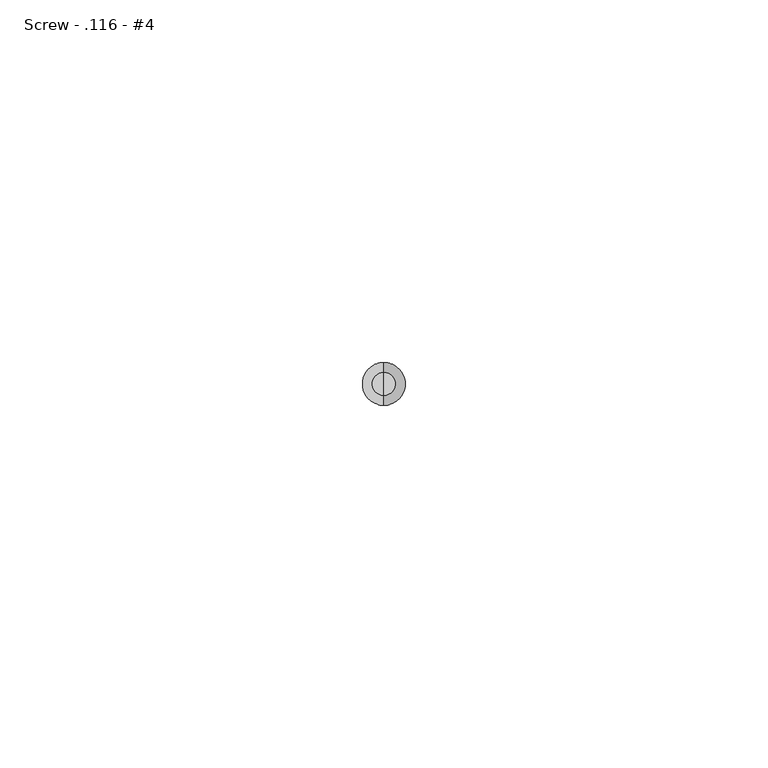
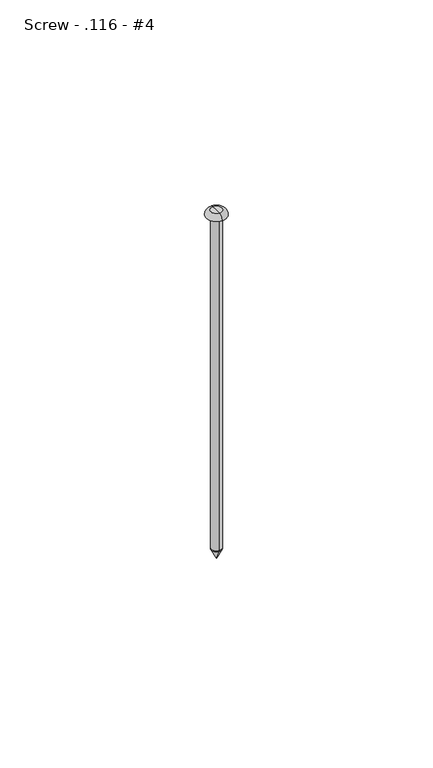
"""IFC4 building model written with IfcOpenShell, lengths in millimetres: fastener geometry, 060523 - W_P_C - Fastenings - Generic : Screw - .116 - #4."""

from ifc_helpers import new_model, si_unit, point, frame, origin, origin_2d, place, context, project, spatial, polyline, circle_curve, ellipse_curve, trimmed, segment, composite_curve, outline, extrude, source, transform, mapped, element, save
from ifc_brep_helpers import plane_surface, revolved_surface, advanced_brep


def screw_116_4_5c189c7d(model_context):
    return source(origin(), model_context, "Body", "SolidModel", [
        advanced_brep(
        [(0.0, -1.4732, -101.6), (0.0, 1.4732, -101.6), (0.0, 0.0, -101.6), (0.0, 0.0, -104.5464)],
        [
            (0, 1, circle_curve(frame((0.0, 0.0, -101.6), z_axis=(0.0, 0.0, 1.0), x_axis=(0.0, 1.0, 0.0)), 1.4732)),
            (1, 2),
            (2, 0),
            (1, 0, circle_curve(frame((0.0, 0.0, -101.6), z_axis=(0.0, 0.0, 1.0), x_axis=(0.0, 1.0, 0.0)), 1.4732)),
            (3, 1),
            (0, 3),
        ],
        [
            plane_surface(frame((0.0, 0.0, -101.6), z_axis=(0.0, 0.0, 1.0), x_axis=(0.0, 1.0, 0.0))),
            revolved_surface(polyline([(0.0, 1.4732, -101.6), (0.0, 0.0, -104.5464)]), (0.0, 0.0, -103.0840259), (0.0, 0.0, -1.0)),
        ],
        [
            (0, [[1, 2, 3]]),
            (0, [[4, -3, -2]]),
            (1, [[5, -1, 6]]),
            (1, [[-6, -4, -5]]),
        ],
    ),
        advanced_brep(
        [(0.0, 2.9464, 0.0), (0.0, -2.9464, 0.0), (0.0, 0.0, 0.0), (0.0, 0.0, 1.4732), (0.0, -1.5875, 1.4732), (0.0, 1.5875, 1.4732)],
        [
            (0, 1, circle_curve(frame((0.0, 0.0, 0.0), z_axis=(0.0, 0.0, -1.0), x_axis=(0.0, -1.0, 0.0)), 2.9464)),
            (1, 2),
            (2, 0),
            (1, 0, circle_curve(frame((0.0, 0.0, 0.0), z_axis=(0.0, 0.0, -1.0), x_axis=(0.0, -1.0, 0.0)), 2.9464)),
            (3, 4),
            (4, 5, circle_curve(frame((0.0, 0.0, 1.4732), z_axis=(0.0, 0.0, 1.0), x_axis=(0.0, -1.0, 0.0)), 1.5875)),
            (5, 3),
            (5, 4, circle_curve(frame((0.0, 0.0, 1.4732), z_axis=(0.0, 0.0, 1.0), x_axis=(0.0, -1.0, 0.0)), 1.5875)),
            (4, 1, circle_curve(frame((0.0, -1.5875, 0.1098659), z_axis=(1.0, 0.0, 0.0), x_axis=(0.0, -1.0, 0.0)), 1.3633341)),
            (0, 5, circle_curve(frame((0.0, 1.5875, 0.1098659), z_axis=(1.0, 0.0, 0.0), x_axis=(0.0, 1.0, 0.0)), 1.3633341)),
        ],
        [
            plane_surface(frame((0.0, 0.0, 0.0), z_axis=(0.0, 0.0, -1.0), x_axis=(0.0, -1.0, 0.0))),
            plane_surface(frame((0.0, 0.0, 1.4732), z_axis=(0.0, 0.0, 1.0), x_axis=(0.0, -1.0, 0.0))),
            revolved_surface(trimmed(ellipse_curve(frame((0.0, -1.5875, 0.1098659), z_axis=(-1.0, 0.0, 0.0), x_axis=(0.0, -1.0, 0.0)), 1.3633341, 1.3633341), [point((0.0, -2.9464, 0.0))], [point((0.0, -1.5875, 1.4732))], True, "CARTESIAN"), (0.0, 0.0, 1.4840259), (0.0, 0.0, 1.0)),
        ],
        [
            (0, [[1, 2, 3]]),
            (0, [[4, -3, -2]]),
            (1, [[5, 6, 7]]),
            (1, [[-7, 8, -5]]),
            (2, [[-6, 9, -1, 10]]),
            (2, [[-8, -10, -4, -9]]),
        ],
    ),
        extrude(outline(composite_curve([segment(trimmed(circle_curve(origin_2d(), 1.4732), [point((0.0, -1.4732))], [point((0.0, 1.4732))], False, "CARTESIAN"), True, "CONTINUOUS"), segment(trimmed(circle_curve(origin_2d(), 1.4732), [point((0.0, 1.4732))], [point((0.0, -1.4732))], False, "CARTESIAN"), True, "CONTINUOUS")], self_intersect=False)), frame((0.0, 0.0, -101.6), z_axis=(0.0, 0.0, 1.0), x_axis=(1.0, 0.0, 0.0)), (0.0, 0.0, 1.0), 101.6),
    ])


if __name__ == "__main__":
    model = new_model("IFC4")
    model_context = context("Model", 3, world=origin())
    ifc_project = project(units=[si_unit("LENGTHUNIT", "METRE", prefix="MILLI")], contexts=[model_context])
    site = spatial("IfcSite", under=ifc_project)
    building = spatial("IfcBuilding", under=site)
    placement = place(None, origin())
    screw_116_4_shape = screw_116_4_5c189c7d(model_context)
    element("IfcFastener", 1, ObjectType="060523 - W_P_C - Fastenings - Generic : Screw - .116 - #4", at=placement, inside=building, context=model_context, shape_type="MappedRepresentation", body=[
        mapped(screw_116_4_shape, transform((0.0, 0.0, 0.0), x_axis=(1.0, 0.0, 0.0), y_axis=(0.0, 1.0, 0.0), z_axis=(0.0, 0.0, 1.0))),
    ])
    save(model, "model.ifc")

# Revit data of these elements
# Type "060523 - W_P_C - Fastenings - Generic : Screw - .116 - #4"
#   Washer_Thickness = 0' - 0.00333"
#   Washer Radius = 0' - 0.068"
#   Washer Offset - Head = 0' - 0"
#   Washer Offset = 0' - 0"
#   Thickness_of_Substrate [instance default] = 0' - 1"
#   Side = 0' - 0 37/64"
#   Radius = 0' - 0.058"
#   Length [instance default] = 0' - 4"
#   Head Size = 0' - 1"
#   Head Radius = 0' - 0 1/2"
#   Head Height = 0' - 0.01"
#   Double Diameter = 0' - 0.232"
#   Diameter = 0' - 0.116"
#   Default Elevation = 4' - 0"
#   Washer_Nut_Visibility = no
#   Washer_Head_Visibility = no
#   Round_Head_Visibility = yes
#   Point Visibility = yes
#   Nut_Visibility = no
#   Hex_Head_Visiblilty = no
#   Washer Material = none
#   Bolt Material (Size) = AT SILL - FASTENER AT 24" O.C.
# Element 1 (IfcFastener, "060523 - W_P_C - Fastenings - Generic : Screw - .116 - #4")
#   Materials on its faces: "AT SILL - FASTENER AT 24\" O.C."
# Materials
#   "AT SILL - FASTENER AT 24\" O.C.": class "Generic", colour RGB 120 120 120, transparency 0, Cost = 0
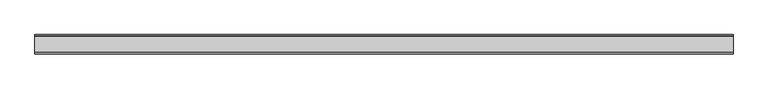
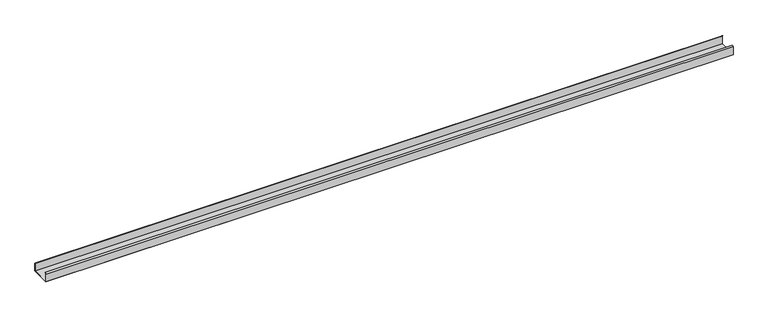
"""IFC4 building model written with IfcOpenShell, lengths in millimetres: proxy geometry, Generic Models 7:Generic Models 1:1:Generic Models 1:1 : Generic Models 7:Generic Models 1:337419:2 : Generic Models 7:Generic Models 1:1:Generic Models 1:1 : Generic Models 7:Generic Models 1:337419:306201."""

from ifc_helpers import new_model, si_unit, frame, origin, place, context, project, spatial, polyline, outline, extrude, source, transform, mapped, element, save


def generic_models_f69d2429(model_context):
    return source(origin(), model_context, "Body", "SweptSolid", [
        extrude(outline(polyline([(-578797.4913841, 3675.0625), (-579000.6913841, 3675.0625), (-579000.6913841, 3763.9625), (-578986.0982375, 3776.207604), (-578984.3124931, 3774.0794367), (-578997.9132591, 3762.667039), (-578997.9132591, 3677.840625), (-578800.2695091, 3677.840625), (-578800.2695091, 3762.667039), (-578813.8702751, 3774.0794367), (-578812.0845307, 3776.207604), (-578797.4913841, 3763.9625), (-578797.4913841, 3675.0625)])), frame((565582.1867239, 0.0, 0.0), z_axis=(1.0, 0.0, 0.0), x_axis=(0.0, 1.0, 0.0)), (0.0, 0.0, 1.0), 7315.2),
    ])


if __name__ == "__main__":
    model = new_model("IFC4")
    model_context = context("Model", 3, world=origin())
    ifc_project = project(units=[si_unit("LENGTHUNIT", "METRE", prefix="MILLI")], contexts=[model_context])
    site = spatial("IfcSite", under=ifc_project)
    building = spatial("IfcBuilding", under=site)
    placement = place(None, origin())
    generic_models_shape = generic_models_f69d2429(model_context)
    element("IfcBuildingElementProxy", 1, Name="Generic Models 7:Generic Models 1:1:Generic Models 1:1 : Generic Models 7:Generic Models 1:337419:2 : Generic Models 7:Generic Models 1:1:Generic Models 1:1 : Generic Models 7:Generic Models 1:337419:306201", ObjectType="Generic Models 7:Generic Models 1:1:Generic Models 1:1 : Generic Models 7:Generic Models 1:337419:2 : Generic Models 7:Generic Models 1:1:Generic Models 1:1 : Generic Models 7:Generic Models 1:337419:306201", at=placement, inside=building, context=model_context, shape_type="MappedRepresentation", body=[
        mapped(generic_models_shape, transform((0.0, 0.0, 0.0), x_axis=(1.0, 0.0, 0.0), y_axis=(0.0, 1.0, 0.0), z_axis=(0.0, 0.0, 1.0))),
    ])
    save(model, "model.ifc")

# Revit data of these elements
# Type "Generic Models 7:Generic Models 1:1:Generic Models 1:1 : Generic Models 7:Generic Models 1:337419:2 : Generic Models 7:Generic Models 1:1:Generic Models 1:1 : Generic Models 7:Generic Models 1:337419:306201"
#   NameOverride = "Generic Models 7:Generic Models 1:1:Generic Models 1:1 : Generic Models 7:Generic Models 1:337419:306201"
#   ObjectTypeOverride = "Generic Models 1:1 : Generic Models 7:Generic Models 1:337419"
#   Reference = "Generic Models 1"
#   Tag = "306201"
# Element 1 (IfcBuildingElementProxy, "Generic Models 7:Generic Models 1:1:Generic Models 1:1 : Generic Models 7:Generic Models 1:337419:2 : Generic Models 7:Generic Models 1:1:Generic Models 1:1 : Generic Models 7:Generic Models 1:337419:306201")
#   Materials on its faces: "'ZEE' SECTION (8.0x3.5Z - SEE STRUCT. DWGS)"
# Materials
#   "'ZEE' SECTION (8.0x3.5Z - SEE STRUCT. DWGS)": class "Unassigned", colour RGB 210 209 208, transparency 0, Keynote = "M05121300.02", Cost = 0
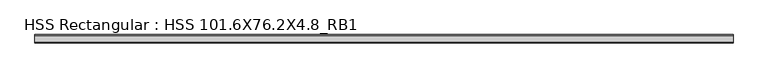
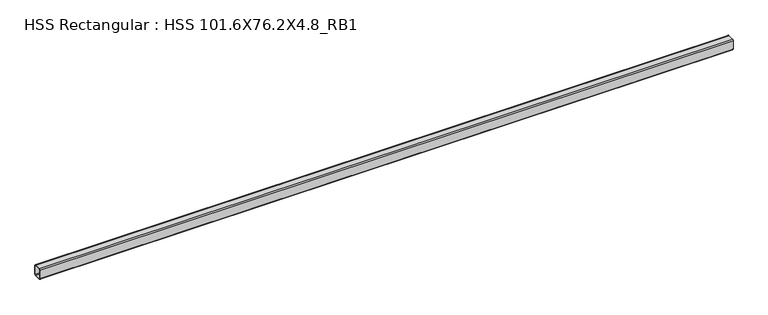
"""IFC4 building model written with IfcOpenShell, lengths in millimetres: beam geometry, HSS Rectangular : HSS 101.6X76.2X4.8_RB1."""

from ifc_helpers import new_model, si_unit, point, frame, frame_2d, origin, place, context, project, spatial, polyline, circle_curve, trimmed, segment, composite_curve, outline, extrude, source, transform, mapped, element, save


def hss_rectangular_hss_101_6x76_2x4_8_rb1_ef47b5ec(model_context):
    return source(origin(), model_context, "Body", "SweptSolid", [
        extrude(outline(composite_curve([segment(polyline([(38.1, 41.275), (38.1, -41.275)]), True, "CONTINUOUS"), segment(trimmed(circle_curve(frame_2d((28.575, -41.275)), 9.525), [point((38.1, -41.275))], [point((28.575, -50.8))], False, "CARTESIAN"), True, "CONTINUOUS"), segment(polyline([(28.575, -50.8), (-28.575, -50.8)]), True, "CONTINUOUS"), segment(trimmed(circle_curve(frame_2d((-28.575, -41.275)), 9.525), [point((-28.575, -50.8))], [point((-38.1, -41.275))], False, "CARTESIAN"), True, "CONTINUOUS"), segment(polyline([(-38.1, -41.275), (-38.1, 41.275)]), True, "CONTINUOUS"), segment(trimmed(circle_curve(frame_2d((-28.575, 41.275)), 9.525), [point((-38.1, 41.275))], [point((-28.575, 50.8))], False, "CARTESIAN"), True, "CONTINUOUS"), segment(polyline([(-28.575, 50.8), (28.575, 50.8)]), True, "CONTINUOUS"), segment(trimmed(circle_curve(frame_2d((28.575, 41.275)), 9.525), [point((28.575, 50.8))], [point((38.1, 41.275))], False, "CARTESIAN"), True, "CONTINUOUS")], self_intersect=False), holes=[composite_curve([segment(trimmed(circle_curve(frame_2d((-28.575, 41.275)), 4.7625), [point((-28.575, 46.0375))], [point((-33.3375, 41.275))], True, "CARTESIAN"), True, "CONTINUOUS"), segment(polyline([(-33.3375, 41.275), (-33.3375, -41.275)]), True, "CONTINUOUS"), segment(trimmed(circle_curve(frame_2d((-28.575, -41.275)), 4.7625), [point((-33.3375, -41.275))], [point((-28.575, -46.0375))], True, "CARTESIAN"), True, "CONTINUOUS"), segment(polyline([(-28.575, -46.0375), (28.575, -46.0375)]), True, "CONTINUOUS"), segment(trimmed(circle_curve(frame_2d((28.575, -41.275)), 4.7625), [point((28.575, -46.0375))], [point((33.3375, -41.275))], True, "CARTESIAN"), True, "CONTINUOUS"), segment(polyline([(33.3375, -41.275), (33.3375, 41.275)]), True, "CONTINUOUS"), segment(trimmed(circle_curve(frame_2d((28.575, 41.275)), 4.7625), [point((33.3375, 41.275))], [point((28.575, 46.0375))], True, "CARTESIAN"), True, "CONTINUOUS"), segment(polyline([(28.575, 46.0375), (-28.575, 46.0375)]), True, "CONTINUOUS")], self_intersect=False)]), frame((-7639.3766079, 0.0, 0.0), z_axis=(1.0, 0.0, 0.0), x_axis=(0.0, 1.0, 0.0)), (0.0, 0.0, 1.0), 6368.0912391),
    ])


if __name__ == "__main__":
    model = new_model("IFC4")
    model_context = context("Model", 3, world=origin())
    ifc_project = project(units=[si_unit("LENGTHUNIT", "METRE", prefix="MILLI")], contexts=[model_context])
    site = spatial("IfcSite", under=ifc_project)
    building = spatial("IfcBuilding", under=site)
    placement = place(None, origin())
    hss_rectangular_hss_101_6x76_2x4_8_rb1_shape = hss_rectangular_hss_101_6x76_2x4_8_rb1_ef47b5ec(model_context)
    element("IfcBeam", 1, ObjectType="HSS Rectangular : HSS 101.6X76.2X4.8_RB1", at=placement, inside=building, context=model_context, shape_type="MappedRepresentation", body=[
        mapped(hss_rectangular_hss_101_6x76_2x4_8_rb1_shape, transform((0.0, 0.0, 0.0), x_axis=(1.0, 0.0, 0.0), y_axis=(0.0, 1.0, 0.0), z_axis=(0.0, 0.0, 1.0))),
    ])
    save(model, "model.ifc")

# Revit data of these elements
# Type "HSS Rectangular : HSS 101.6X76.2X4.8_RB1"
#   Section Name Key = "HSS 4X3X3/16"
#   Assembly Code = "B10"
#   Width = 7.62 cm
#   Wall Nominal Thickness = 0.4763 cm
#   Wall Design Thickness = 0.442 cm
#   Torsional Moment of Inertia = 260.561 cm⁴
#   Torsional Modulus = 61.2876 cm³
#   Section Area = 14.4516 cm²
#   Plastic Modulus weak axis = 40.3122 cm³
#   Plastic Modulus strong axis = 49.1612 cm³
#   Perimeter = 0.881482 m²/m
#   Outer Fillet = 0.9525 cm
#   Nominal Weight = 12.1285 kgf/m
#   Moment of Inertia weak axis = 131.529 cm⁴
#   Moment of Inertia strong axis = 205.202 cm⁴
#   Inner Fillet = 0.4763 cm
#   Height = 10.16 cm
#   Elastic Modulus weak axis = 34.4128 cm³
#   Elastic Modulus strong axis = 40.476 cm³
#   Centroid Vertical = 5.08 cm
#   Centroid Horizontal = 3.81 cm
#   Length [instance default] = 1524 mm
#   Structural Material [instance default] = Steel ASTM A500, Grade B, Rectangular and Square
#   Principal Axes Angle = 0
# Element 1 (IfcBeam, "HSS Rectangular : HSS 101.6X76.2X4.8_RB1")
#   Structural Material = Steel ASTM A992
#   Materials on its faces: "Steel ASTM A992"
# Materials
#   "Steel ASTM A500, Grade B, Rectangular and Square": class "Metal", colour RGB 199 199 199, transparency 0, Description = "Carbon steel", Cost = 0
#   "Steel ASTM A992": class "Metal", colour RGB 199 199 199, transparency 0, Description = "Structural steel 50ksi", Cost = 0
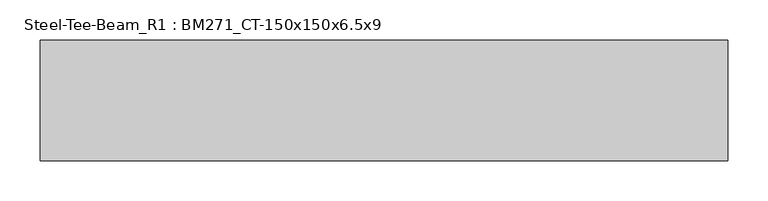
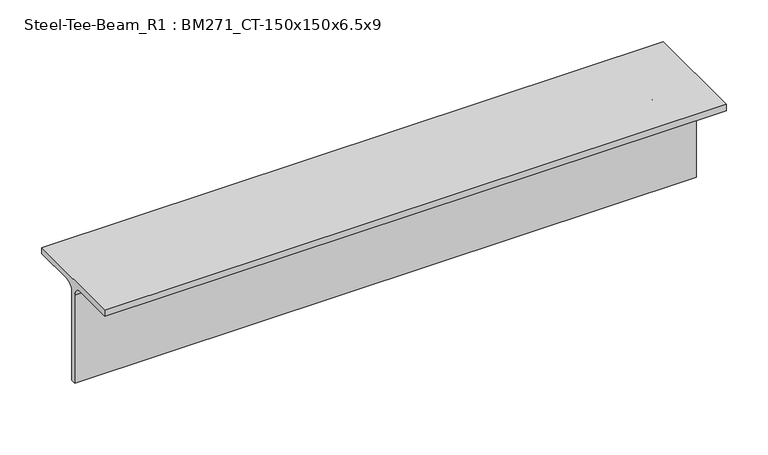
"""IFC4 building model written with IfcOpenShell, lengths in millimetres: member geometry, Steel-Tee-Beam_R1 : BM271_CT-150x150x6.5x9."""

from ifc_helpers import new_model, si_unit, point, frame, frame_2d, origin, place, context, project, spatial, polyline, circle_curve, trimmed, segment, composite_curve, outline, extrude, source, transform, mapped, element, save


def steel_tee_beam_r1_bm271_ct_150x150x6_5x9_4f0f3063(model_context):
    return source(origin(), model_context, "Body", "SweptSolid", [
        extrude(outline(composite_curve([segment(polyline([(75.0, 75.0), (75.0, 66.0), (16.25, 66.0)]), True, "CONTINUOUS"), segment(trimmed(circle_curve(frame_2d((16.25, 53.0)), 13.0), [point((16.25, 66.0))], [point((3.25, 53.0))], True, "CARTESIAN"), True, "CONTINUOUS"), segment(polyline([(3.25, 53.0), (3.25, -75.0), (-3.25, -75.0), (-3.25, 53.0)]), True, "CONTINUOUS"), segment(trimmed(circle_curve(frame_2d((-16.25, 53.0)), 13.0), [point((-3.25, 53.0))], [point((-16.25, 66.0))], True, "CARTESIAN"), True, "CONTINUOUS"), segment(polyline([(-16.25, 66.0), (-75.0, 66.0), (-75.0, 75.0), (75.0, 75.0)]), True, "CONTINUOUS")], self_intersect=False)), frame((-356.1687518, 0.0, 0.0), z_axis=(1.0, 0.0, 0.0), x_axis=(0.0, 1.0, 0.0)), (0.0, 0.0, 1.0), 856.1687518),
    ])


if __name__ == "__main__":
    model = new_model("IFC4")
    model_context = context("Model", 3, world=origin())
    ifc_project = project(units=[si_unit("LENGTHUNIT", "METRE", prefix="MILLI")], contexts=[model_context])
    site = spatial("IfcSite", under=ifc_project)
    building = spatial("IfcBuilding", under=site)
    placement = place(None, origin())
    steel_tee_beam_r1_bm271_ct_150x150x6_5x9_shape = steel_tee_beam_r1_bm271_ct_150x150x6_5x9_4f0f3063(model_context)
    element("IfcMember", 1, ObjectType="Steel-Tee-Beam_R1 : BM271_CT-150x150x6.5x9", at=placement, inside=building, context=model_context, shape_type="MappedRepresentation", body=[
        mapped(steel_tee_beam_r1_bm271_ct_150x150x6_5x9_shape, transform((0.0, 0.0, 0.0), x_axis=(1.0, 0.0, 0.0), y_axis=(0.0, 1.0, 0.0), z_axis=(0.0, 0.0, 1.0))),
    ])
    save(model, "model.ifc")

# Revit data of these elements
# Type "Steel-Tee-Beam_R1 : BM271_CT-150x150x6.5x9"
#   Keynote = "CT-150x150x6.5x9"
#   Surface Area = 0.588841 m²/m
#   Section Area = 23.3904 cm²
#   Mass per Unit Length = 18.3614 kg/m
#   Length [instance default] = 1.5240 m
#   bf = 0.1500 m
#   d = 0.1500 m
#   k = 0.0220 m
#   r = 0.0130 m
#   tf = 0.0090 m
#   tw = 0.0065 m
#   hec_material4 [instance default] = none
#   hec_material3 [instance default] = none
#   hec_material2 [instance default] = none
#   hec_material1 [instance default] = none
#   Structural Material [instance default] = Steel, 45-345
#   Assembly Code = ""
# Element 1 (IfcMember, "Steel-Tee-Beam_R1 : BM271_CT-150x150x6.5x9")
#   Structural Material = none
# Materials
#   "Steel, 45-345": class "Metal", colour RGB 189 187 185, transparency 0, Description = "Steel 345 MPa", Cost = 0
- - - -
WHAT YOU HAVE TO DO | Would you print exactly and only the lines of the material above that run from the line with "Point Visibility = yes" through the line with "0, Cost = 0", both included?

TASK RESULT |
#   Point Visibility = yes
#   Nut_Visibility = no
#   Hex_Head_Visiblilty = no
#   Washer Material = none
#   Bolt Material (Size) = AT SILL - FASTENER AT 24" O.C.
# Element 1 (IfcFastener, "060523 - W_P_C - Fastenings - Generic : Screw - .116 - #4")
#   Materials on its faces: "AT SILL - FASTENER AT 24\" O.C."
# Materials
#   "AT SILL - FASTENER AT 24\" O.C.": class "Generic", colour RGB 120 120 120, transparency 0, Cost = 0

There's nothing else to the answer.